Unstructured data can’t be processed or analyzed by conventional data tools. Since unstructured data doesn’t adhere to a predefined data model, it must either be managed in a non-relational (NoSQL) database, or data lake, to preserve it in its raw form.
Unless your data masking solution is capable of masking unstructured data , data privacy management won’t be possible.
Anonymized data must be represented consistently throughout your databases. Maintaining relational consistency requires every type of data originating from a certain business system to be masked with the same algorithm.
While consistent masking protects your systems from cyberattacks, it also ensures data remains functional for analytics and other business use cases. Therefore, when choosing a data masking tool, you’ll want to make sure your selection is built to automatically apply the same types of data masking techniques and algorithms to your business systems.
As we’ve already discussed, complying with data privacy regulations is a top priority for enterprises today. That’s why the data masking solution you choose should come with built-in reporting and auditing functionality.
Specifically, you should be able to clearly visualize and report on:
All masking activities and instances
Data dependencies and relationships
Applied masking techniques
With these insights, you can stay on top of all data masking activity, monitor use of masked data, and identify any gaps.
The easiest way to check every box on this checklist is by going with entity-based data masking technology, where a business entity could be a customer, payment, order, or device. Instead of centralizing sensitive information in a vault or repository, like most other data protection solutions, every instance of business entity data is managed in its own individually encrypted Micro-Database™.

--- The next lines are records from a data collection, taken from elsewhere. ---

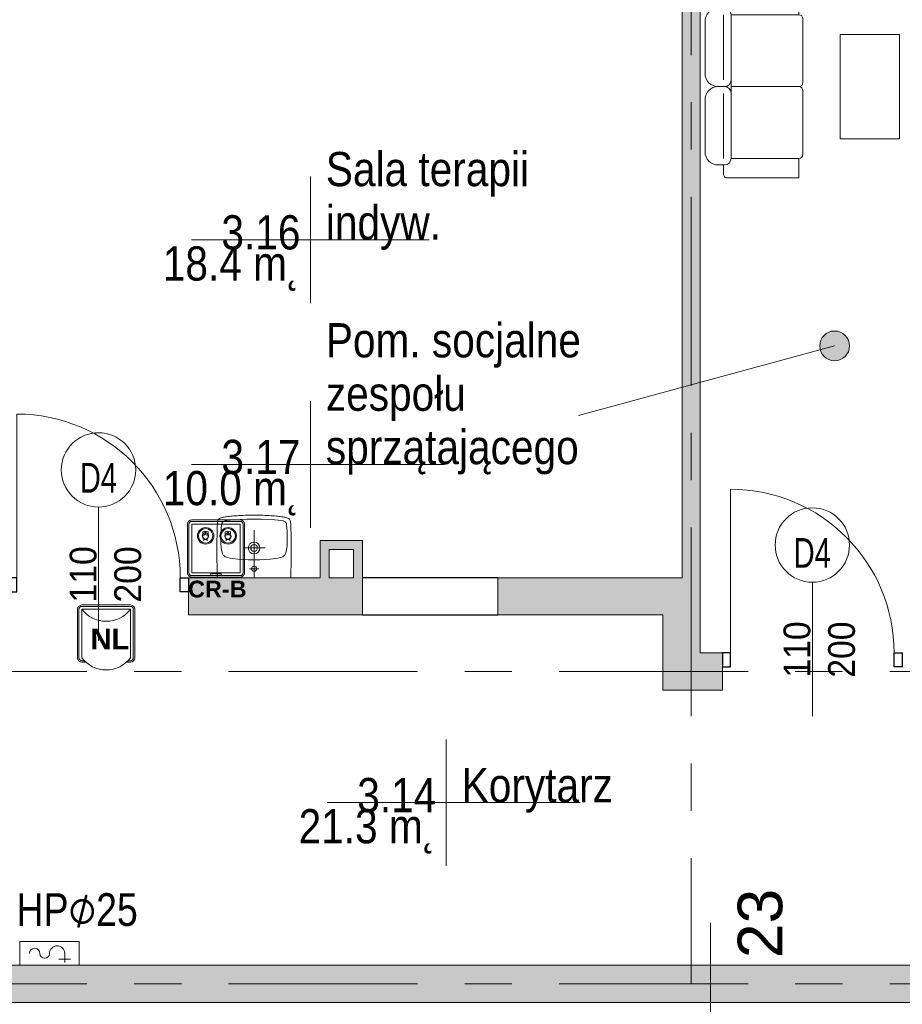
# Model space of a CAD drawing. Header units: centimetres. Extents: x -1737 to 22393, y -8842 to 3838.
# Tile 111 of 167: x -477 to 116, y 2830 to 3491. Entities that reach past the tile are written whole.
import ezdxf

# ---------------------------------------------------------------- set-up
doc = ezdxf.new("R2010")
doc.units = ezdxf.units.CM
doc.linetypes.add('Oś', pattern=[222.25, 127, -31.75, 31.75, -31.75])
for name, color, linetype, lineweight in [('A-ANNO-NOTE', 131, 'Continuous', 13), ('A-AREA-IDEN', 2, 'Continuous', 13), ('A-DETL-GENF', 92, 'Continuous', 9), ('A-DETL-MEDM', 33, 'Continuous', 13), ('A-DOOR', 31, 'Continuous', 13), ('A-WALL', 113, 'Continuous', 13), ('A-WALL-PATT', 111, 'Continuous', 13), ('G-ANNO-TEXT', 231, 'Continuous', 13), ('I-FURN', 30, 'Continuous', 9), ('P-SANR-FIXT', 6, 'Continuous', 9), ('PRZYW_Elementy_inst_przyw', 7, 'Continuous', 9), ('S-GRID', 1, 'Continuous', 13), ('S-GRID-IDEN', 1, 'Continuous', 13)]:
    doc.layers.add(name, color=color, linetype=linetype, lineweight=lineweight)
doc.styles.add('adam', font='arialbd.ttf')
doc.styles.add('Arial', font='arial.ttf', dxfattribs={"width": 0.9, "height": 18})
doc.styles.add('Arial Narrow_6', font='ARIALN.TTF', dxfattribs={"height": 22})
doc.styles.add('Arial_1', font='arial.ttf', dxfattribs={"width": 0.7, "height": 20})
doc.styles.add('Arial_4', font='arial.ttf', dxfattribs={"height": 30})
doc.styles.add('Arial_7', font='arial.ttf', dxfattribs={"width": 0.85, "height": 23})

# ---------------------------------------------------------------- blocks, each defined once
blk = doc.blocks.new('kanapa - kanapa-2220511-3_piętro I __3_90 m_ - stan projektowany')
at = {"layer": 'I-FURN'}
for p, q in [((-61.42, 29.29), (-61.42, -18.9)), ((-48.26, 29.29), (-61.42, 29.29)), ((-48.26, -16.34), (-48.26, 29.29)), ((-2.63, 31.93), (-45.63, 31.93)), ((0, -16.34), (0, 29.29)), ((2.63, 31.93), (45.63, 31.93)), ((61.42, 29.29), (48.26, 29.29)), ((48.26, 29.29), (48.26, -16.34)), ((61.42, -18.9), (61.42, 29.29)), ((0, -16.34), (-48.26, -16.34)), ((48.26, -16.34), (0, -16.34)), ((-52.65, -21.53), (-58.79, -21.53)), ((-52.65, -20.72), (-52.65, -25.11)), ((-48.26, -21.53), (-4.55, -21.53)), ((0, -25.11), (0, -20.72)), ((48.26, -21.53), (4.55, -21.53)), ((52.65, -25.11), (52.65, -20.72)), ((52.65, -21.53), (58.79, -21.53)), ((-43.88, -33.89), (-8.78, -33.89)), ((8.77, -33.89), (43.87, -33.89))]:
    blk.add_line(p, q, dxfattribs=at)
for centre, radius, start, end in [((-45.63, 29.29), 2.63, 90, 180), ((-2.63, 29.29), 2.63, 360, 90), ((2.63, 29.29), 2.63, 90, 180), ((45.63, 29.29), 2.63, 360, 90), ((-58.79, -18.9), 2.63, 180, 270), ((-48.26, -20.72), 4.39, 90, 180), ((-4.39, -20.72), 4.39, 360, 90), ((4.39, -20.72), 4.39, 90, 180), ((48.26, -20.72), 4.39, 360, 90), ((58.79, -18.9), 2.63, 270, 0), ((-43.88, -25.11), 8.77, 180, 270), ((-8.78, -25.11), 8.77, 270, 360), ((8.77, -25.11), 8.77, 180, 270), ((43.87, -25.11), 8.77, 270, 360)]:
    blk.add_arc(centre, radius, start, end, dxfattribs=at)
blk = doc.blocks.new('Blat - Blat-1245948-3_piętro I __3_90 m_ - stan projektowany')
at = {"layer": 'I-FURN'}
for p, q in [((0, 40), (0, 0)), ((70, 40), (0, 40)), ((70, 0), (70, 40)), ((0, 0), (70, 0))]:
    blk.add_line(p, q, dxfattribs=at)
blk = doc.blocks.new('DRZWI 1S - automatyczna etykieta - Drzwi 110-2265631-3_piętro I __3_90 m_ - stan projektowany')
at = {"layer": 'A-DETL-GENF'}
for p, q in [((-60.5, -3), (-55, -3)), ((-60.5, -12.5), (-60.5, -3)), ((-55, -3), (-55, -12.5)), ((55, -3), (60.5, -3)), ((55, -12.5), (55, -3)), ((60.5, -3), (60.5, -12.5)), ((-55, -12.5), (-60.5, -12.5)), ((60.5, -12.5), (55, -12.5))]:
    blk.add_line(p, q, dxfattribs=at)
at = {"layer": 'A-DETL-MEDM', "lineweight": 25}
for p, q in [((-60.5, -12.5), (-60.5, -3)), ((-60.5, -3), (-55, -3)), ((-55, -3), (-55, -12.5)), ((55, -3), (55, -12.5)), ((60.5, -3), (55, -3)), ((60.5, -12.5), (60.5, -3)), ((-55, -12.5), (-60.5, -12.5)), ((55, -12.5), (60.5, -12.5))]:
    blk.add_line(p, q, dxfattribs=at)
at = {"layer": 'A-DOOR'}
blk.add_line((55, -12.5), (55, -122.5), dxfattribs=at)
blk.add_arc((55, -12.5), 110, 180, 270, dxfattribs=at)
blk = doc.blocks.new('Umywalka koło Nova Pro - Pro 50-1894773-3_piętro I __3_90 m_ - stan projektowany')
at = {"layer": 'P-SANR-FIXT'}
for p, q in [((-9.61, 52.82), (-8.94, 53.01)), ((-8.94, 53.01), (-9.61, 52.82)), ((-8.94, 53.01), (-8.25, 53.14)), ((-8.25, 53.14), (-8.94, 53.01)), ((-8.25, 53.14), (-7.5, 53.3)), ((-7.5, 53.3), (-8.25, 53.14)), ((-7.5, 53.3), (-6.73, 53.41)), ((-6.73, 53.41), (-7.5, 53.3)), ((-6.73, 53.41), (-5.93, 53.54)), ((-5.93, 53.54), (-6.73, 53.41)), ((-5.93, 53.54), (-5.1, 53.65)), ((-5.1, 53.65), (-5.93, 53.54)), ((-5.1, 53.65), (-4.2, 53.75)), ((-4.2, 53.75), (-5.1, 53.65)), ((-4.2, 53.75), (-3.27, 53.86)), ((-3.27, 53.86), (-4.2, 53.75)), ((-3.27, 53.86), (-2.28, 53.94)), ((-2.28, 53.94), (-3.27, 53.86)), ((-2.28, 53.94), (-1.24, 54.02)), ((-1.24, 54.02), (-2.28, 53.94)), ((-1.24, 54.02), (-0.15, 54.13)), ((-0.15, 54.13), (-1.24, 54.02)), ((-0.15, 54.13), (1.05, 54.21)), ((1.05, 54.21), (-0.15, 54.13)), ((1.05, 54.21), (2.3, 54.26)), ((2.3, 54.26), (1.05, 54.21)), ((2.3, 54.26), (3.66, 54.34)), ((3.66, 54.34), (2.3, 54.26)), ((3.66, 54.34), (5.12, 54.39)), ((5.12, 54.39), (3.66, 54.34)), ((5.12, 54.39), (6.72, 54.45)), ((6.72, 54.45), (5.12, 54.39)), ((6.72, 54.45), (8.45, 54.47)), ((8.45, 54.47), (6.72, 54.45)), ((8.45, 54.47), (10.4, 54.5)), ((10.4, 54.5), (8.45, 54.47)), ((10.4, 54.5), (14.63, 54.5)), ((14.63, 54.5), (10.4, 54.5)), ((14.63, 54.5), (16.55, 54.47)), ((16.55, 54.47), (14.63, 54.5)), ((16.55, 54.47), (18.31, 54.45)), ((18.31, 54.45), (16.55, 54.47)), ((18.31, 54.45), (19.88, 54.39)), ((19.88, 54.39), (18.31, 54.45)), ((19.88, 54.39), (21.34, 54.34)), ((21.34, 54.34), (19.88, 54.39)), ((21.34, 54.34), (22.7, 54.26)), ((22.7, 54.26), (21.34, 54.34)), ((22.7, 54.26), (23.98, 54.21)), ((23.98, 54.21), (22.7, 54.26)), ((23.98, 54.21), (25.15, 54.13)), ((25.15, 54.13), (23.98, 54.21)), ((25.15, 54.13), (26.24, 54.02)), ((26.24, 54.02), (25.15, 54.13)), ((26.24, 54.02), (27.31, 53.94)), ((27.31, 53.94), (26.24, 54.02)), ((27.31, 53.94), (28.29, 53.86)), ((28.29, 53.86), (27.31, 53.94)), ((28.29, 53.86), (29.23, 53.75)), ((29.23, 53.75), (28.29, 53.86)), ((29.23, 53.75), (30.1, 53.65)), ((30.1, 53.65), (29.23, 53.75)), ((30.1, 53.65), (30.93, 53.54)), ((30.93, 53.54), (30.1, 53.65)), ((30.93, 53.54), (31.76, 53.41)), ((31.76, 53.41), (30.93, 53.54)), ((31.76, 53.41), (32.5, 53.3)), ((32.5, 53.3), (31.76, 53.41)), ((32.5, 53.3), (33.25, 53.14)), ((33.25, 53.14), (32.5, 53.3)), ((33.25, 53.14), (33.97, 53.01)), ((33.97, 53.01), (33.25, 53.14)), ((33.97, 53.01), (34.63, 52.82)), ((34.63, 52.82), (33.97, 53.01)), ((-12.24, 46.11), (-12.22, 46.78)), ((-12.22, 46.78), (-12.19, 47.44)), ((-12.19, 47.44), (-12.16, 48.08)), ((-12.16, 48.08), (-12.14, 48.72)), ((-12.14, 48.72), (-12.08, 49.31)), ((-12.08, 49.31), (-12, 49.87)), ((-12, 49.87), (-11.92, 50.37)), ((-11.92, 50.37), (-11.82, 50.88)), ((-11.82, 50.88), (-11.71, 51.17)), ((-11.6, 51.46), (-11.79, 50.88)), ((-11.71, 51.17), (-11.6, 51.46)), ((-11.6, 51.46), (-11.26, 51.97)), ((-11.26, 51.97), (-11.6, 51.46)), ((-11.26, 51.97), (-10.8, 52.34)), ((-10.8, 52.34), (-11.26, 51.97)), ((-10.8, 52.34), (-10.24, 52.61)), ((-10.24, 52.61), (-10.8, 52.34)), ((-10.24, 52.61), (-9.61, 52.82)), ((-9.61, 52.82), (-10.24, 52.61)), ((-9.53, 46.32), (-9.39, 47.44)), ((-9.39, 47.44), (-9.21, 48.53)), ((-9.21, 48.53), (-9.05, 49.09)), ((-9.05, 49.09), (-8.86, 49.6)), ((-8.86, 49.6), (-8.7, 49.84)), ((-8.7, 49.84), (-8.51, 50.05)), ((-8.51, 50.05), (-8.03, 50.35)), ((-8.03, 50.35), (-7.53, 50.56)), ((-7.53, 50.56), (-6.97, 50.72)), ((-6.97, 50.72), (-5.88, 50.93)), ((-5.88, 50.93), (-3.64, 51.25)), ((-3.64, 51.25), (-1.4, 51.44)), ((-1.4, 51.44), (3.1, 51.68)), ((3.1, 51.68), (7.6, 51.81)), ((7.6, 51.81), (9.86, 51.89)), ((9.86, 51.89), (11.04, 51.92)), ((11.04, 51.92), (11.7, 51.92)), ((11.7, 51.92), (12.5, 51.94)), ((12.5, 51.94), (13.3, 51.92)), ((13.3, 51.92), (13.99, 51.92)), ((13.99, 51.92), (15.14, 51.89)), ((15.14, 51.89), (17.4, 51.81)), ((17.4, 51.81), (21.9, 51.68)), ((21.9, 51.68), (26.4, 51.44)), ((26.4, 51.44), (28.64, 51.25)), ((28.64, 51.25), (30.88, 50.93)), ((30.88, 50.93), (31.97, 50.72)), ((31.97, 50.72), (32.53, 50.56)), ((32.53, 50.56), (33.06, 50.35)), ((33.06, 50.35), (33.54, 50.05)), ((33.54, 50.05), (33.73, 49.84)), ((33.73, 49.84), (33.86, 49.6)), ((33.86, 49.6), (34.07, 49.09)), ((34.07, 49.09), (34.21, 48.53)), ((34.21, 48.53), (34.39, 47.44)), ((34.39, 47.44), (34.53, 46.32)), ((34.63, 52.82), (35.24, 52.61)), ((35.24, 52.61), (34.63, 52.82)), ((35.24, 52.61), (35.8, 52.34)), ((35.8, 52.34), (35.24, 52.61)), ((35.8, 52.34), (36.28, 51.97)), ((36.28, 51.97), (35.8, 52.34)), ((36.28, 51.97), (36.6, 51.46)), ((36.6, 51.46), (36.28, 51.97)), ((36.6, 51.46), (36.82, 50.88)), ((36.82, 50.88), (36.92, 50.37)), ((36.92, 50.37), (37.03, 49.87)), ((37.03, 49.87), (37.08, 49.31)), ((37.08, 49.31), (37.14, 48.72)), ((37.14, 48.72), (37.16, 48.08)), ((37.16, 48.08), (37.19, 47.44)), ((37.19, 47.44), (37.22, 46.78)), ((37.22, 46.78), (37.24, 46.11)), ((-12.43, 38.89), (-12.4, 39.8)), ((-12.4, 40.38), (-12.38, 41.56)), ((-12.4, 39.8), (-12.4, 40.38)), ((-12.38, 41.56), (-12.35, 42.38)), ((-12.35, 43.15), (-12.32, 43.93)), ((-12.35, 42.38), (-12.35, 43.15)), ((-12.32, 43.93), (-12.3, 44.67)), ((-12.3, 44.67), (-12.27, 45.39)), ((-12.27, 45.39), (-12.24, 46.11)), ((-9.84, 39.56), (-9.79, 41.82)), ((-9.79, 41.82), (-9.71, 44.06)), ((-9.71, 44.06), (-9.53, 46.32)), ((12.5, 12.5), (12.5, 44.5)), ((34.53, 46.32), (34.71, 44.06)), ((34.71, 44.06), (34.82, 41.82)), ((34.82, 41.82), (34.84, 39.56)), ((37.24, 46.11), (37.27, 45.39)), ((37.27, 45.39), (37.3, 44.67)), ((37.3, 44.67), (37.32, 43.93)), ((37.32, 43.93), (37.35, 43.15)), ((37.35, 43.15), (37.35, 42.38)), ((37.35, 42.38), (37.38, 41.56)), ((37.38, 41.56), (37.4, 40.38)), ((37.4, 40.38), (37.43, 39.8)), ((37.43, 39.8), (37.43, 38.89)), ((-12.48, 34.31), (-12.46, 35.99)), ((-12.48, 32.63), (-12.48, 34.31)), ((-12.46, 37), (-12.43, 37.96)), ((-12.46, 35.99), (-12.46, 37)), ((-12.43, 37.96), (-12.43, 38.89)), ((-9.76, 35.06), (-9.84, 39.56)), ((-9.74, 34.37), (-9.76, 35.06)), ((-9.71, 34.05), (-9.74, 34.37)), ((-9.69, 33.65), (-9.71, 34.05)), ((-9.61, 32.77), (-9.69, 33.65)), ((34.69, 33.65), (34.63, 32.77)), ((34.71, 34.05), (34.69, 33.65)), ((34.74, 34.37), (34.71, 34.05)), ((34.76, 35.06), (34.74, 34.37)), ((34.84, 39.56), (34.76, 35.06)), ((37.43, 38.89), (37.46, 37.96)), ((37.46, 37.96), (37.46, 37)), ((37.46, 37), (37.48, 35.99)), ((37.48, 35.99), (37.48, 34.31)), ((37.48, 34.31), (37.51, 32.63)), ((-12.51, 30.8), (-12.48, 32.63)), ((-12.48, 28.77), (-12.51, 30.8)), ((-12.48, 26.48), (-12.48, 28.77)), ((-12.45, 23.85), (-12.48, 26.48)), ((-9.37, 31.04), (-9.61, 32.77)), ((-8.91, 29.36), (-9.37, 31.04)), ((-8.62, 28.53), (-8.91, 29.36)), ((-8.19, 27.76), (-8.62, 28.53)), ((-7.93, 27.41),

A business entity approach enables all of the types of data masking outlined in the checklist above, while ensuring relational consistency and security. It protects data at rest, in use, and in transit – giving production, testing, and analytical teams the ability to use data as needed, while minimizing the risk of a breach or non-compliance. It also performs dynamic, static, and on-the-fly structured data masking and unstructured data masking, so you can be sure all sensitive data residing anywhere in your business systems is secured and protected.